# Blockchain analysis


## Basic setup

Here we will import the `pyspark` module and set up a `SparkSession`. By default, we'll use a `SparkSession` running locally, with one Spark executor, but the `local[4]` can be changed with the ip of the Spark master.


In [None]:
spark

In [None]:
import pyspark
from pyspark.context import SparkContext
from pyspark.sql import SparkSession, SQLContext
from pyspark.sql.functions import *

spark = SparkSession.builder \
                    .master("local[4]") \
                    .config("spark.driver.memory", "4g") \
                    .getOrCreate()

## Loading the data

To obtain the graph representing the transaction in the Bitcoin network, we need to load sets of nodes representing the addresses (fingerprints of the public keys), transactions and blocks. We also need the set of edges representing the relations between entities. For this example we will use following parquet files that were generated from the blockchain data by this [converter](https://github.com/Jiri-Kremser/bitcoin-insights/tree/master/parquet-converter).

In [None]:
addresses = spark.read.load("/tmp/addresses.parquet")
addresses.show(5)

blocks = spark.read.load("/tmp/blocks.parquet")
blocks.show(5)

transactions = spark.read.load("/tmp/transactions.parquet")
transactions.show(5)

Unify 

In [None]:
allNodes = addresses.withColumn("type", lit("A")) \
                    .union(blocks) \
                    .union(transactions.withColumn("type", lit("T"))) \
                    .withColumnRenamed("address", "id")

allNodes.show()

In [None]:
raw_edges = spark.read.load("/tmp/edges.parquet") \
                      .cache()
raw_edges.show(5)
raw_edges.count()

## Constructing the graph representation

In [None]:
from graphframes import *

g = GraphFrame(allNodes, raw_edges).cache()

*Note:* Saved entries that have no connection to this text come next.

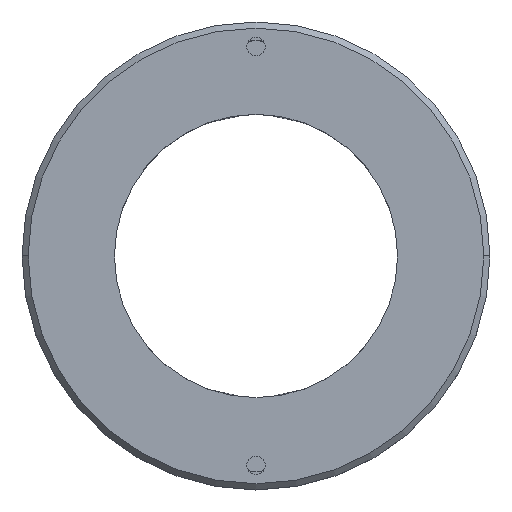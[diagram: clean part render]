
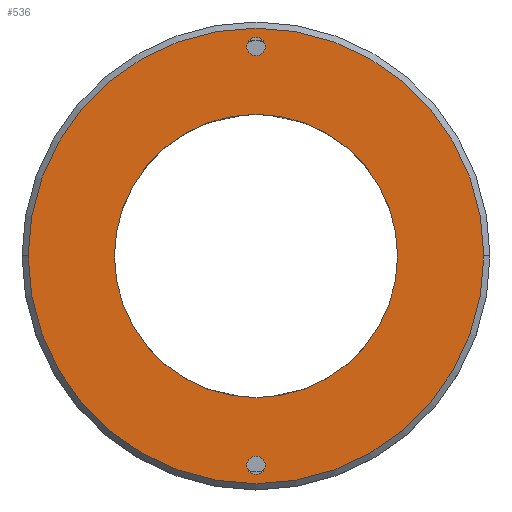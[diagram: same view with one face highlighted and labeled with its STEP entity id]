
A CAD part, top view. The second image highlights one B-rep face of the part: STEP entity #536.
In plain terms, the highlighted planar face has unit normal (0, 0, 1).
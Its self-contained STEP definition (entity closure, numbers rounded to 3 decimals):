
#6 = CARTESIAN_POINT ( 'NONE',  ( -1.362, 0.534, 22.154 ) ) ;
#29 = DIRECTION ( 'NONE',  ( 0., 0., 1. ) ) ;
#31 = CIRCLE ( 'NONE', #347, 0.75 ) ;
#39 = DIRECTION ( 'NONE',  ( 0., 0., 1. ) ) ;
#63 = CARTESIAN_POINT ( 'NONE',  ( -2.112, 17.534, 22.154 ) ) ;
#64 = VERTEX_POINT ( 'NONE', #732 ) ;
#65 = EDGE_CURVE ( 'NONE', #731, #901, #153, .T. ) ;
#80 = FACE_OUTER_BOUND ( 'NONE', #1005, .T. ) ;
#94 = CARTESIAN_POINT ( 'NONE',  ( 17.138, 0.534, 22.154 ) ) ;
#132 = DIRECTION ( 'NONE',  ( 1., 0., 0. ) ) ;
#134 = EDGE_CURVE ( 'NONE', #1134, #1101, #330, .T. ) ;
#153 = CIRCLE ( 'NONE', #387, 18.5 ) ;
#167 = CIRCLE ( 'NONE', #593, 0.75 ) ;
#233 = EDGE_CURVE ( 'NONE', #64, #1197, #167, .T. ) ;
#250 = CARTESIAN_POINT ( 'NONE',  ( -1.362, -16.466, 22.154 ) ) ;
#262 = ORIENTED_EDGE ( 'NONE', *, *, #1062, .F. ) ;
#264 = ORIENTED_EDGE ( 'NONE', *, *, #778, .F. ) ;
#304 = DIRECTION ( 'NONE',  ( -1., 0., 0. ) ) ;
#324 = DIRECTION ( 'NONE',  ( 0., 0., 1. ) ) ;
#330 = CIRCLE ( 'NONE', #735, 11.5 ) ;
#337 = EDGE_LOOP ( 'NONE', ( #734, #1204 ) ) ;
#338 = DIRECTION ( 'NONE',  ( 1., 0., 0. ) ) ;
#347 = AXIS2_PLACEMENT_3D ( 'NONE', #987, #367, #1088 ) ;
#351 = DIRECTION ( 'NONE',  ( -1., 0., 0. ) ) ;
#356 = AXIS2_PLACEMENT_3D ( 'NONE', #657, #39, #756 ) ;
#357 = CARTESIAN_POINT ( 'NONE',  ( -12.862, 0.534, 22.154 ) ) ;
#367 = DIRECTION ( 'NONE',  ( 0., 0., 1. ) ) ;
#387 = AXIS2_PLACEMENT_3D ( 'NONE', #1263, #29, #132 ) ;
#411 = DIRECTION ( 'NONE',  ( 0., 0., 1. ) ) ;
#413 = EDGE_LOOP ( 'NONE', ( #262, #264 ) ) ;
#424 = DIRECTION ( 'NONE',  ( 0., 0., 1. ) ) ;
#430 = DIRECTION ( 'NONE',  ( 1., 0., 0. ) ) ;
#438 = DIRECTION ( 'NONE',  ( 0., 0., 1. ) ) ;
#445 = EDGE_CURVE ( 'NONE', #901, #731, #1277, .T. ) ;
#494 = VERTEX_POINT ( 'NONE', #1251 ) ;
#534 = PLANE ( 'NONE',  #957 ) ;
#535 = DIRECTION ( 'NONE',  ( 0., 0., 1. ) ) ;
#536 = ADVANCED_FACE ( 'NONE', ( #80, #1150, #631, #1115 ), #534, .T. ) ;
#543 = CARTESIAN_POINT ( 'NONE',  ( -1.362, 0.534, 22.154 ) ) ;
#557 = CIRCLE ( 'NONE', #841, 0.75 ) ;
#561 = CARTESIAN_POINT ( 'NONE',  ( 10.138, 0.534, 22.154 ) ) ;
#593 = AXIS2_PLACEMENT_3D ( 'NONE', #1155, #535, #1257 ) ;
#631 = FACE_BOUND ( 'NONE', #757, .T. ) ;
#632 = CARTESIAN_POINT ( 'NONE',  ( -1.362, 0.534, 22.154 ) ) ;
#657 = CARTESIAN_POINT ( 'NONE',  ( -1.362, 0.534, 22.154 ) ) ;
#658 = CIRCLE ( 'NONE', #356, 11.5 ) ;
#659 = CARTESIAN_POINT ( 'NONE',  ( -2.112, -16.466, 22.154 ) ) ;
#731 = VERTEX_POINT ( 'NONE', #94 ) ;
#732 = CARTESIAN_POINT ( 'NONE',  ( -0.612, 17.534, 22.154 ) ) ;
#734 = ORIENTED_EDGE ( 'NONE', *, *, #969, .F. ) ;
#735 = AXIS2_PLACEMENT_3D ( 'NONE', #6, #324, #1036 ) ;
#756 = DIRECTION ( 'NONE',  ( 1., 0., 0. ) ) ;
#757 = EDGE_LOOP ( 'NONE', ( #1307, #945 ) ) ;
#765 = ORIENTED_EDGE ( 'NONE', *, *, #445, .T. ) ;
#778 = EDGE_CURVE ( 'NONE', #1018, #494, #849, .T. ) ;
#841 = AXIS2_PLACEMENT_3D ( 'NONE', #250, #976, #351 ) ;
#846 = AXIS2_PLACEMENT_3D ( 'NONE', #632, #424, #430 ) ;
#849 = CIRCLE ( 'NONE', #853, 0.75 ) ;
#853 = AXIS2_PLACEMENT_3D ( 'NONE', #1132, #411, #304 ) ;
#901 = VERTEX_POINT ( 'NONE', #1053 ) ;
#945 = ORIENTED_EDGE ( 'NONE', *, *, #1322, .F. ) ;
#957 = AXIS2_PLACEMENT_3D ( 'NONE', #543, #438, #338 ) ;
#969 = EDGE_CURVE ( 'NONE', #1101, #1134, #658, .T. ) ;
#976 = DIRECTION ( 'NONE',  ( 0., 0., 1. ) ) ;
#987 = CARTESIAN_POINT ( 'NONE',  ( -1.362, 17.534, 22.154 ) ) ;
#1005 = EDGE_LOOP ( 'NONE', ( #765, #1291 ) ) ;
#1018 = VERTEX_POINT ( 'NONE', #659 ) ;
#1036 = DIRECTION ( 'NONE',  ( 1., 0., 0. ) ) ;
#1053 = CARTESIAN_POINT ( 'NONE',  ( -19.862, 0.534, 22.154 ) ) ;
#1062 = EDGE_CURVE ( 'NONE', #494, #1018, #557, .T. ) ;
#1088 = DIRECTION ( 'NONE',  ( 1., 0., 0. ) ) ;
#1101 = VERTEX_POINT ( 'NONE', #561 ) ;
#1115 = FACE_BOUND ( 'NONE', #337, .T. ) ;
#1132 = CARTESIAN_POINT ( 'NONE',  ( -1.362, -16.466, 22.154 ) ) ;
#1134 = VERTEX_POINT ( 'NONE', #357 ) ;
#1150 = FACE_BOUND ( 'NONE', #413, .T. ) ;
#1155 = CARTESIAN_POINT ( 'NONE',  ( -1.362, 17.534, 22.154 ) ) ;
#1197 = VERTEX_POINT ( 'NONE', #63 ) ;
#1204 = ORIENTED_EDGE ( 'NONE', *, *, #134, .F. ) ;
#1251 = CARTESIAN_POINT ( 'NONE',  ( -0.612, -16.466, 22.154 ) ) ;
#1257 = DIRECTION ( 'NONE',  ( 1., 0., 0. ) ) ;
#1263 = CARTESIAN_POINT ( 'NONE',  ( -1.362, 0.534, 22.154 ) ) ;
#1277 = CIRCLE ( 'NONE', #846, 18.5 ) ;
#1291 = ORIENTED_EDGE ( 'NONE', *, *, #65, .T. ) ;
#1307 = ORIENTED_EDGE ( 'NONE', *, *, #233, .F. ) ;
#1322 = EDGE_CURVE ( 'NONE', #1197, #64, #31, .T. ) ;

#### Get the vertex degrees

In [None]:
from pyspark.sql.types import StringType
from pyspark.sql.functions import udf

update_type = udf(lambda t: t if t == 'A' or t == 'T' else 'B', StringType())


vertexDegreesAndIds = g.inDegrees.join(g.outDegrees, "id").join(g.vertices, "id")
vertexDegrees = vertexDegreesAndIds.drop("id") \
                                   .withColumn('type', update_type(col("type")))

vertexDegrees.sort(desc("inDegree")).show(2, False)

#### Calculate some basic statistics

In [None]:
vertexDegrees.groupBy("type") \
             .agg(avg(col("inDegree")), stddev(col("inDegree")), \
                  avg(col("outDegree")), stddev(col("outDegree"))).show()

#### Find some patterns in the graph
It uses simple ASCII-like DSL and because it's all Dataframe based, it optimizes the query execution by the Catalyst.

In [None]:
motifs = g.find("(address)-[e1]->(tx);(block)-[e2]->(tx);(tx)-[e3]->(dstAddress)") \
                       .filter("address.type = 'A'") \
                       .filter("tx.type = 'T'") \
                       .filter("e1.value < 10000") \
                       .filter("block.type > unix_timestamp('2013-01-01 00:00:00')") \
                       .filter("block.type < unix_timestamp('2014-01-01 00:00:00')") \
                       .filter("dstAddress.type = 'A'") \
                       .filter("e3.value < 10000") \
                       .cache()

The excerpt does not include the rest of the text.